**Required work**
Below are records to retype exactly, except for the pictures.

**Extracted entries**
———

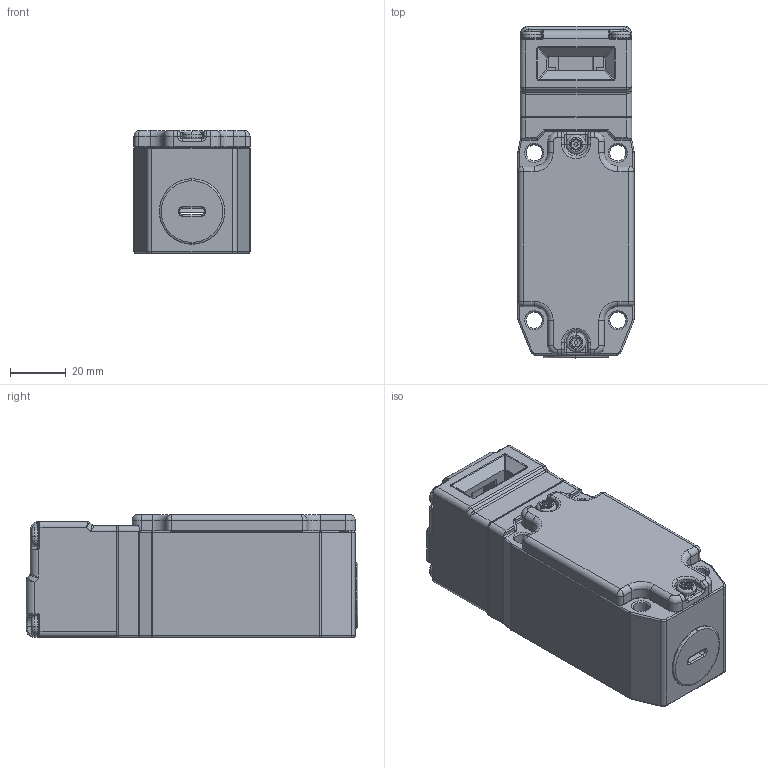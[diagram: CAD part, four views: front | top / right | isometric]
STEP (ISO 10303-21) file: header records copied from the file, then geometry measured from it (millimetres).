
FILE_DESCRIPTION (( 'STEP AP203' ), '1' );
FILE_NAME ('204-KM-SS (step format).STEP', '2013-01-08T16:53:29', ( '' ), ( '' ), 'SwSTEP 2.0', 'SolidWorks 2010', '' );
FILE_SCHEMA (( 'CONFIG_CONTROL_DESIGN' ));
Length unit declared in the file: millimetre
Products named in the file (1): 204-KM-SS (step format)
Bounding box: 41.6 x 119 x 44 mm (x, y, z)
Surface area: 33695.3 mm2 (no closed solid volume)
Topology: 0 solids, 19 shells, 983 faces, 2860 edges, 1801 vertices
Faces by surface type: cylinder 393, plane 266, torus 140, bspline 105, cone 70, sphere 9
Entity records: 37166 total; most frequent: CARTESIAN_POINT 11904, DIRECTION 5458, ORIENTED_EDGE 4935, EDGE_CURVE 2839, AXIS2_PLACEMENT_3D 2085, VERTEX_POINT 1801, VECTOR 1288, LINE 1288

———

**Response below**
[diagram: CAD part, four views: front | top / right | isometric]
STEP (ISO 10303-21) file: header records copied from the file, then geometry measured from it (millimetres).
FILE_DESCRIPTION (( 'STEP AP203' ), '1' );
FILE_NAME ('204-KM-SS (step format).STEP', '2013-01-08T16:53:29', ( '' ), ( '' ), 'SwSTEP 2.0', 'SolidWorks 2010', '' );
FILE_SCHEMA (( 'CONFIG_CONTROL_DESIGN' ));
Length unit declared in the file: millimetre
Products named in the file (1): 204-KM-SS (step format)
Bounding box: 41.6 x 119 x 44 mm (x, y, z)
Surface area: 33695.3 mm2 (no closed solid volume)
Topology: 0 solids, 19 shells, 983 faces, 2860 edges, 1801 vertices
Faces by surface type: cylinder 393, plane 266, torus 140, bspline 105, cone 70, sphere 9
Entity records: 37166 total; most frequent: CARTESIAN_POINT 11904, DIRECTION 5458, ORIENTED_EDGE 4935, EDGE_CURVE 2839, AXIS2_PLACEMENT_3D 2085, VERTEX_POINT 1801, VECTOR 1288, LINE 1288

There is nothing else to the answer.